Polemiche tricolori, uno sventolerà in piazza Trento e Trieste
L'associazione democratica Angioletto Castiglione risponde con un'iniziativa pubblica alle parole di disprezzo da parte dell'eurodeputato leghista Francesco Speroni nei confronti della bandiera italiana
Riceviamo e pubblichiamo il comunicato inviato dall’associazione Democratica Angioletto Castiglioni inmerito alle dichiarazionei dell’eurodeputato bustocco della Lega Nord Francesco Speroni il quale ha dichiarato di provare fastidio per il tricolore.
L’on. Speroni, senatore del Senato italiano, retribuito dal popolo italiano, ha di nuovo offeso con le sue parole il simbolo dell’unità del nostro paese: la bandiera, il tricolore.
La costituenda Associazione Democratica Angioletto Castiglioni, facendo tesoro dell’insegnamento di Angioletto Castiglioni, che nel 1997 reagì alle offese di Umberto Bossi al tricolore esponendo la bandiera italiana all’Interno del Tempio Civico, luogo sacro di memorie, davanti alle lapidi dei Caduti, ricorda che quella bandiera affonda le sue radici nella solidarietà della gente che abita il nostro paese, nella dignità di chi ha dato la vita per mantenere il nostro paese unito e libero.
La patria non è solo un’espressione geografica o un dato da quotare in borsa: patria è il segno di un patto tra i cittadini liberi e consapevoli, un patto per continuare nel cammino che ci porta sempre più distanti dall’istinto della sopraffazione del più forte sul più debole. La violenza passa prima nelle parole e poi diventa fatto: forse la storia anche più recente non ci ha insegnato nulla? Forse non l’abbiamo letta sui libri di scuola o nella cronaca recente? Dobbiamo fare l’elenco? Bene, lo facciamo: nelle parole prima che nei fatti, nell’immaginario della collettività prima che nelle camere a gas il totalitarismo nazifascista ha programmato lo sterminio degli ebrei, delle minoranze, dei deportati politici.
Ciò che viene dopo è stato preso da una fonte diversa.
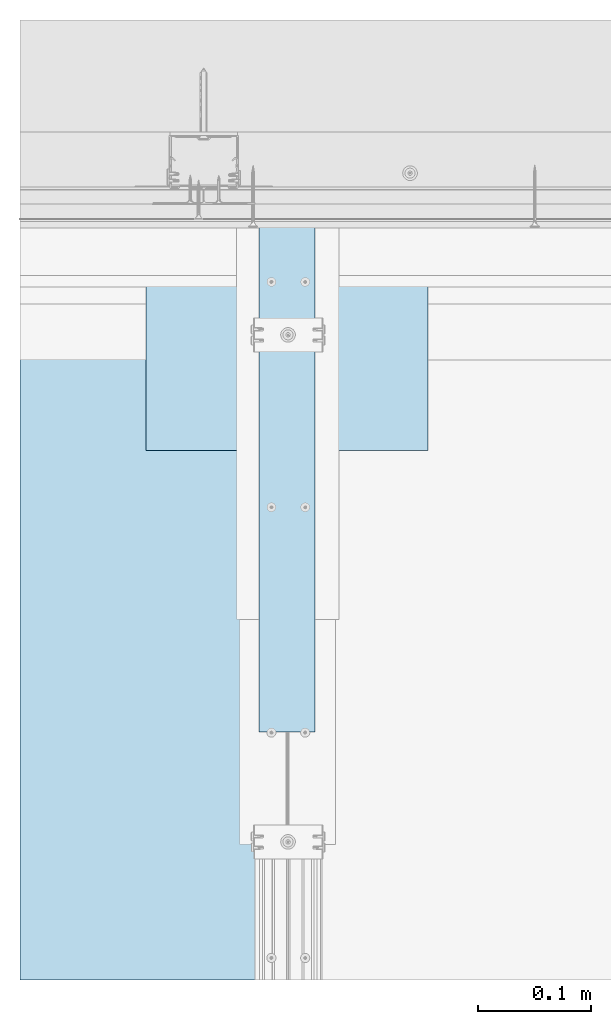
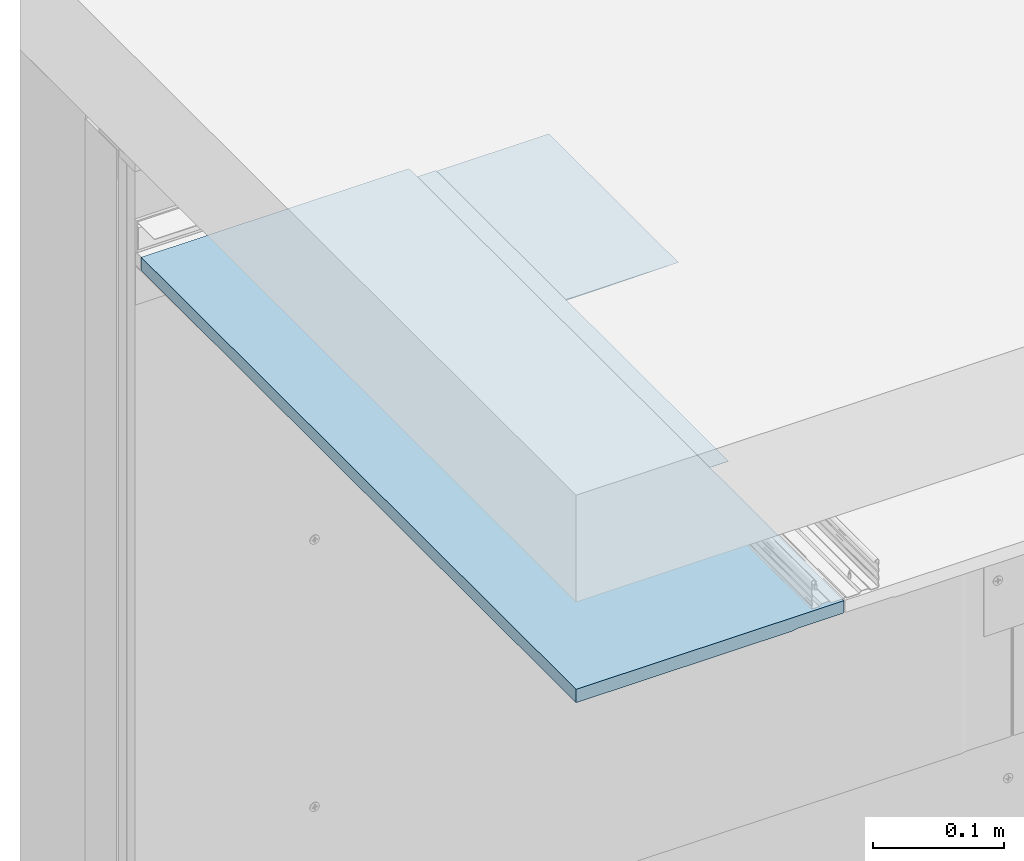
# One storey, part 2 of 62: 3 slabs.
"""IFC2X3 building model written with IfcOpenShell, lengths in millimetres."""

import ifcopenshell
import ifcopenshell.guid

model = None  # the IFC model being written
_history = None  # IfcOwnerHistory: only IFC2X3 demands one
_inside = {}  # id of a spatial element -> (the spatial element, [elements in it])
_under = {}  # id of a project, library or spatial element -> (it, [spatial elements below it])
_declared = {}  # id of a project -> (the project, [libraries it declares])
_typed = {}  # id of a type object -> (the type object, [elements of that type])
_made_of = {}  # id of a material, layer set ... -> (it, [elements and type objects made of it])


def new_model(schema):
    """Start an empty IFC model of exactly this schema.

    Asked for "IFC4X3", IfcOpenShell would pick the latest addendum, in which some entities
    have other attributes; the version numbers below select the first issue.
    IFC2X3 requires an IfcOwnerHistory on every rooted entity: one is made here for all.
    """
    global model, _history
    if schema == "IFC4X3":
        model = ifcopenshell.file(schema_version=(4, 3, 0, 0))
    else:
        model = ifcopenshell.file(schema=schema)
    _inside.clear()
    _under.clear()
    _declared.clear()
    _typed.clear()
    _made_of.clear()
    _history = None
    if model.schema == "IFC2X3":
        org = make("IfcOrganization", Name="unknown")
        user = make(
            "IfcPersonAndOrganization",
            ThePerson=make("IfcPerson", FamilyName="unknown"),
            TheOrganization=org,
        )
        app = make(
            "IfcApplication",
            ApplicationDeveloper=org,
            Version="unknown",
            ApplicationFullName="unknown",
            ApplicationIdentifier="unknown",
        )
        _history = make(
            "IfcOwnerHistory",
            OwningUser=user,
            OwningApplication=app,
            ChangeAction="ADDED",
            CreationDate=0,
        )
    return model


def make(cls, **values):
    """One entity of the class cls with the attributes given. An attribute that is None is left unset."""
    return model.create_entity(
        cls, **{name: value for name, value in values.items() if value is not None}
    )


def entity(cls, *values):
    """Any entity or typed value of the class cls, its attributes in the order of the schema. None: left unset."""
    e = model.create_entity(cls)
    for i, value in enumerate(values):
        if value is not None:
            e[i] = value
    return e


def rooted(cls, **values):
    """An entity with a GlobalId (a new one), such as an element, a storey or a relation."""
    return make(cls, GlobalId=ifcopenshell.guid.new(), OwnerHistory=_history, **values)


def si_unit(unit_type, name, prefix=None):
    """IfcSIUnit, for example si_unit("LENGTHUNIT", "METRE", prefix="MILLI")."""
    return make("IfcSIUnit", UnitType=unit_type, Prefix=prefix, Name=name)


def converted_unit(unit_type, name, factor, base, dimensions=None, offset=None):
    """IfcConversionBasedUnit, such as the inch: factor (a typed value) times the base unit."""
    return make(
        "IfcConversionBasedUnit"
        if offset is None
        else "IfcConversionBasedUnitWithOffset",
        ConversionOffset=offset,
        Dimensions=None
        if dimensions is None
        else entity("IfcDimensionalExponents", *dimensions),
        UnitType=unit_type,
        Name=name,
        ConversionFactor=make(
            "IfcMeasureWithUnit", ValueComponent=factor, UnitComponent=base
        ),
    )


def assignment(units):
    """IfcUnitAssignment: the units of a project."""
    return None if units is None else make("IfcUnitAssignment", Units=units)


def point(xyz):
    """IfcCartesianPoint."""
    return None if xyz is None else make("IfcCartesianPoint", Coordinates=xyz)


def direction(xyz):
    """IfcDirection."""
    return None if xyz is None else make("IfcDirection", DirectionRatios=xyz)


def frame(location, z_axis=None, x_axis=None):
    """IfcAxis2Placement3D, a coordinate frame: its origin and axes. An axis left out is left unset."""
    return make(
        "IfcAxis2Placement3D",
        Location=point(location),
        Axis=direction(z_axis),
        RefDirection=direction(x_axis),
    )


def origin():
    """The frame at (0, 0, 0) with its axes left unset."""
    return frame((0.0, 0.0, 0.0))


def origin_with_axes():
    """The frame at (0, 0, 0) with the z axis (0, 0, 1) and the x axis (1, 0, 0) written out."""
    return frame((0.0, 0.0, 0.0), z_axis=(0.0, 0.0, 1.0), x_axis=(1.0, 0.0, 0.0))


def place(relative_to, where):
    """IfcLocalPlacement: puts the frame where relative to a parent placement (None: the world)."""
    return make(
        "IfcLocalPlacement", PlacementRelTo=relative_to, RelativePlacement=where
    )


def context(
    kind, dimensions, precision=None, world=None, true_north=None, identifier=None
):
    """IfcGeometricRepresentationContext, for example the 3D "Model" context."""
    return make(
        "IfcGeometricRepresentationContext",
        ContextIdentifier=identifier,
        ContextType=kind,
        CoordinateSpaceDimension=dimensions,
        Precision=precision,
        WorldCoordinateSystem=world,
        TrueNorth=true_north,
    )


def project(units=None, contexts=None):
    """IfcProject with its units and contexts."""
    return rooted(
        "IfcProject",
        Name="project",
        RepresentationContexts=contexts,
        UnitsInContext=assignment(units),
    )


def spatial(cls, under=None, at=None, **own):
    """A site, building, storey or space (cls), placed at a placement, below another one or the project."""
    s = rooted(cls, ObjectPlacement=at, **own)
    if under is not None:
        _under.setdefault(under.id(), (under, []))[1].append(s)
    return s


def faces_of(points, faces, orient=None, outer=None):
    """IfcFace entities. A face is a list of loops; a loop is a list of indices into points, from 0.

    orient and outer hold one flag for each loop. By default every Orientation is true, the
    first loop of a face is its IfcFaceOuterBound and the others are IfcFaceBound.
    """
    made = []
    for i, loops in enumerate(faces):
        bounds = []
        for j, loop in enumerate(loops):
            is_outer = j == 0 if outer is None else outer[i][j]
            bounds.append(
                make(
                    "IfcFaceOuterBound" if is_outer else "IfcFaceBound",
                    Bound=make("IfcPolyLoop", Polygon=[points[k] for k in loop]),
                    Orientation=True if orient is None else orient[i][j],
                )
            )
        made.append(make("IfcFace", Bounds=bounds))
    return made


def faceted_brep(points, faces, orient=None, outer=None, voids=None):
    """IfcFacetedBrep: a solid bounded by flat faces; with voids (closed shells), ...WithVoids."""
    shared = [point(p) for p in points]
    hull = make("IfcClosedShell", CfsFaces=faces_of(shared, faces, orient, outer))
    if voids is None:
        return make("IfcFacetedBrep", Outer=hull)
    return make(
        "IfcFacetedBrepWithVoids",
        Outer=hull,
        Voids=[
            make(cls, CfsFaces=faces_of(shared, fs, o, b)) for cls, fs, o, b in voids
        ],
    )


def shape(context_of_items, identifier, shape_type, items):
    """IfcShapeRepresentation: the items that make up one representation, for example the "Body"."""
    return make(
        "IfcShapeRepresentation",
        ContextOfItems=context_of_items,
        RepresentationIdentifier=identifier,
        RepresentationType=shape_type,
        Items=items,
    )


def made_of(thing, what):
    """Note that an element or type object is made of a material, layer set ...; save() writes the relation."""
    if what is not None:
        _made_of.setdefault(what.id(), (what, []))[1].append(thing)
    return thing


def element(
    cls,
    number,
    at=None,
    inside=None,
    cuts=None,
    type_object=None,
    material=None,
    context=None,
    identifier="Body",
    shape_type=None,
    held_by="IfcProductDefinitionShape",
    body=None,
    shapes=None,
    **own,
):
    """One element of the class cls, such as IfcWall. Its Tag is "e" and its number.

    at: its placement. inside: the storey or other place that contains it. cuts: it is an
    opening in that element (IfcRelVoidsElement). A single representation is given by context,
    identifier, shape_type and body (its items); several are given by shapes. held_by: the class
    of the entity that holds the representations. save() writes the other relations.
    """
    e = rooted(cls, Tag="e%d" % number, ObjectPlacement=at, **own)
    if body is not None:
        shapes = [shape(context, identifier, shape_type, body)]
    if shapes is not None:
        e.Representation = make(held_by, Representations=shapes)
    if inside is not None:
        _inside.setdefault(inside.id(), (inside, []))[1].append(e)
    if cuts is not None:
        rooted(
            "IfcRelVoidsElement", RelatingBuildingElement=cuts, RelatedOpeningElement=e
        )
    if type_object is not None:
        _typed.setdefault(type_object.id(), (type_object, []))[1].append(e)
    return made_of(e, material)


def aggregate(whole, parts):
    """IfcRelAggregates: a whole, such as a stair, and the parts it consists of."""
    return rooted("IfcRelAggregates", RelatingObject=whole, RelatedObjects=parts)


def save(model, path):
    """Write the relations noted so far, then the file.

    IfcRelAggregates (storeys below a building ...), IfcRelContainedInSpatialStructure (elements
    in a storey), IfcRelDefinesByType, IfcRelAssociatesMaterial and IfcRelDeclares: one each for
    every whole, place, type object, material and project.
    """
    for whole, parts in _under.values():
        aggregate(whole, parts)
    for where, things in _inside.values():
        rooted(
            "IfcRelContainedInSpatialStructure",
            RelatedElements=things,
            RelatingStructure=where,
        )
    for kind, things in _typed.values():
        rooted("IfcRelDefinesByType", RelatedObjects=things, RelatingType=kind)
    for what, things in _made_of.values():
        rooted("IfcRelAssociatesMaterial", RelatedObjects=things, RelatingMaterial=what)
    for by, libraries in _declared.values():
        rooted("IfcRelDeclares", RelatingContext=by, RelatedDefinitions=libraries)
    model.write(path)


model = new_model("IFC2X3")

# Units and contexts
model_context = context("Model", 3, precision=1e-05, world=origin(), true_north=direction((0.0, 1.0, 0.0)))
ifc_project = project(units=[si_unit("LENGTHUNIT", "METRE", prefix="MILLI"), si_unit("AREAUNIT", "SQUARE_METRE"), si_unit("VOLUMEUNIT", "CUBIC_METRE"), converted_unit("PLANEANGLEUNIT", "DEGREE", entity("IfcPlaneAngleMeasure", 0.01745), si_unit("PLANEANGLEUNIT", "RADIAN"), dimensions=[0, 0, 0, 0, 0, 0, 0]), si_unit("SOLIDANGLEUNIT", "STERADIAN"), si_unit("MASSUNIT", "GRAM"), si_unit("TIMEUNIT", "SECOND"), si_unit("THERMODYNAMICTEMPERATUREUNIT", "DEGREE_CELSIUS"), si_unit("LUMINOUSINTENSITYUNIT", "LUMEN")], contexts=[model_context])

# Site, building, storey
site_placement = place(None, origin_with_axes())
site = spatial("IfcSite", under=ifc_project, at=site_placement, Name="Default Site", CompositionType="ELEMENT")
building_placement = place(site_placement, origin_with_axes())
building = spatial("IfcBuilding", under=site, at=building_placement, Name="Default Building", CompositionType="ELEMENT")
storey_placement = place(building_placement, origin_with_axes())
storey = spatial("IfcBuildingStorey", under=building, at=storey_placement, Name="Default Building Storey", CompositionType="ELEMENT", Elevation=0.0)

# Slabs
slab_1_placement = place(storey_placement, frame((3099.435303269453, 1941.015681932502, 4687.928819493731), z_axis=(0.0, -1.0, 3.330669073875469e-16), x_axis=(1.0, 0.0, 0.0)))
element("IfcSlab", 1, at=slab_1_placement, inside=storey, Name="Dedykowana masa szpachlowa Rigips - wykończeniowa", context=model_context, shape_type="Brep", body=[
    faceted_brep([(-612.459216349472, -3390.556721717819, 2.449996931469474), (-862.459216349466, -3390.556721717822, 2.449996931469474), (-812.4612643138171, -3391.196716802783, 2.449996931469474), (-762.4602403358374, -3391.516720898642, 2.449996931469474), (-712.458192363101, -3391.51672089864, 2.449996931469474), (-662.4571683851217, -3391.19671680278, 2.449996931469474), (-762.4602403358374, -3391.516720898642, 200.8000000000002), (-812.4612643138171, -3391.196716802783, 200.8000000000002), (-862.459216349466, -3390.556721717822, 200.8000000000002), (-612.459216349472, -3390.556721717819, 200.8000000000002), (-662.4571683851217, -3391.19671680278, 200.8000000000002), (-712.458192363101, -3391.516720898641, 200.8000000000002)], [[[0, 1, 2, 3, 4, 5]], [[6, 7, 8, 9, 10, 11]], [[9, 0, 5, 10]], [[10, 5, 4, 11]], [[11, 4, 3, 6]], [[6, 3, 2, 7]], [[1, 8, 7, 2]], [[0, 9, 8, 1]]]),
])
slab_2_placement = place(storey_placement, frame((2361.976086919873, 886.56410331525, 1309.872097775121), z_axis=(-6.72623262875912e-44, -1.0, 3.330669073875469e-16), x_axis=(-1.0, 2.128075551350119e-28, 6.389333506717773e-13)))
element("IfcSlab", 2, at=slab_2_placement, inside=storey, Name="Płyta gipsowo-kartonowa RIGIPS PRO (4PRO™)", context=model_context, shape_type="Brep", body=[
    faceted_brep([(236.950953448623, 12.49999999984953, -383.5768194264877), (236.950953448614, -1.227249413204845e-10, -383.5768194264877), (236.950953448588, -1.200177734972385e-10, -1050.001581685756), (236.950953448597, 12.49999999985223, -1050.001581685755), (44.99999999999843, 12.50000000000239, -383.5768194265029), (40.99999999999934, 11.50000000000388, -383.5768194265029), (0.9999999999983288, 11.50000000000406, -383.5768194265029), (0.7411809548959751, 11.4659258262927, -383.5768194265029), (0.4999999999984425, 11.36602540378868, -383.5768194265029), (0.292893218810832, 11.20710678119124, -383.5768194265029), (0.1339745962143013, 11.00000000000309, -383.5768194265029), (0.03407417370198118, 10.75881904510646, -383.5768194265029), (-1.804778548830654e-12, 10.50000000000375, -383.5768194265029), (7.219114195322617e-13, 3.609557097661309e-13, -383.5768194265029), (44.9999999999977, 12.50000000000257, -1050.001581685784), (40.99999999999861, 11.50000000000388, -1050.001581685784), (0.9999999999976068, 11.50000000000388, -1050.001581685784), (0.7411809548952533, 11.46592582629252, -1050.001581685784), (0.4999999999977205, 11.3660254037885, -1050.001581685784), (0.29289321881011, 11.20710678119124, -1050.001581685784), (0.1339745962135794, 11.00000000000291, -1050.001581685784), (0.03407417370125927, 10.75881904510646, -1050.001581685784), (-2.526689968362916e-12, 10.50000000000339, -1050.001581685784), (0.0, 0.0, -1050.001581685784)], [[[0, 1, 2, 3]], [[0, 4, 5, 6, 7, 8, 9, 10, 11, 12, 13, 1]], [[3, 14, 4, 0]], [[5, 4, 14, 15]], [[6, 5, 15, 16]], [[7, 6, 16, 17]], [[8, 7, 17, 18]], [[9, 8, 18, 19]], [[10, 9, 19, 20]], [[11, 10, 20, 21]], [[12, 11, 21, 22]], [[13, 12, 22, 23]], [[2, 1, 13, 23]], [[14, 3, 2, 23, 22, 21, 20, 19, 18, 17, 16, 15]]]),
])
slab_3_placement = place(storey_placement, frame((3099.435303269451, 1941.015681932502, 4687.72881949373), z_axis=(2.257951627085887e-47, -1.0, 3.330669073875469e-16), x_axis=(1.0, 2.257951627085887e-47, -7.520489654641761e-63)))
element("IfcSlab", 3, at=slab_3_placement, inside=storey, Name="Taśma spoinowa RIGIPS", context=model_context, shape_type="Brep", body=[
    faceted_brep([(-712.4592163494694, -3389.656721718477, 450.8), (-712.4592163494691, -3389.856721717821, 450.8), (-762.4592163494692, -3389.856721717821, 450.8), (-762.4592163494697, -3389.656721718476, 450.8), (-712.4592163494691, -3389.856721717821, 2.449996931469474), (-712.4592163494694, -3389.656721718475, 2.449996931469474), (-762.4592163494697, -3389.656721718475, 2.449996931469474), (-762.4592163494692, -3389.856721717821, 2.449996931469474)], [[[0, 1, 2, 3]], [[4, 5, 6, 7]], [[5, 0, 3, 6]], [[6, 3, 2, 7]], [[7, 2, 1, 4]], [[4, 1, 0, 5]]]),
])

save(model, "model.ifc")

Nelle parole prima che nei fatti ha preso forma l’indicibile massacro nel paese delle mille colline: ricordiamo tutti il Ruanda del 1994, il massacro dei Tutsi, vero? Nelle parole prima che nei fatti si è insinuata la bestiale violenza che ha deflagrato i Balcani: ricordiamo tutti Sebrenica, luglio 1995, vero?
Chiediamo ai nostri politici, anche ai politici della Lega Lombarda, un maggior senso di responsabilità umana prima che politica in senso stretto. Chiediamo a tutti di riflettere anche solo per un attimo prima di parlare. Chiediamo di recuperare senso civico e rispetto.
Domenica 16 ottobre, proprio per senso civico e di appartenenza ad un Paese, ad una Nazione, per rispetto e anche come atto di scuse per le offese al tricolore, esporremo la nostra bandiera italiana sul Monumento ai Caduti in piazza Trento Trieste, in un luogo che ricorda e da ogni angolo parla di quanto sia costato unire e costruire il nostro paese, quale grande sacrificio di vite per renderlo libero, civile e, si spera, solidale.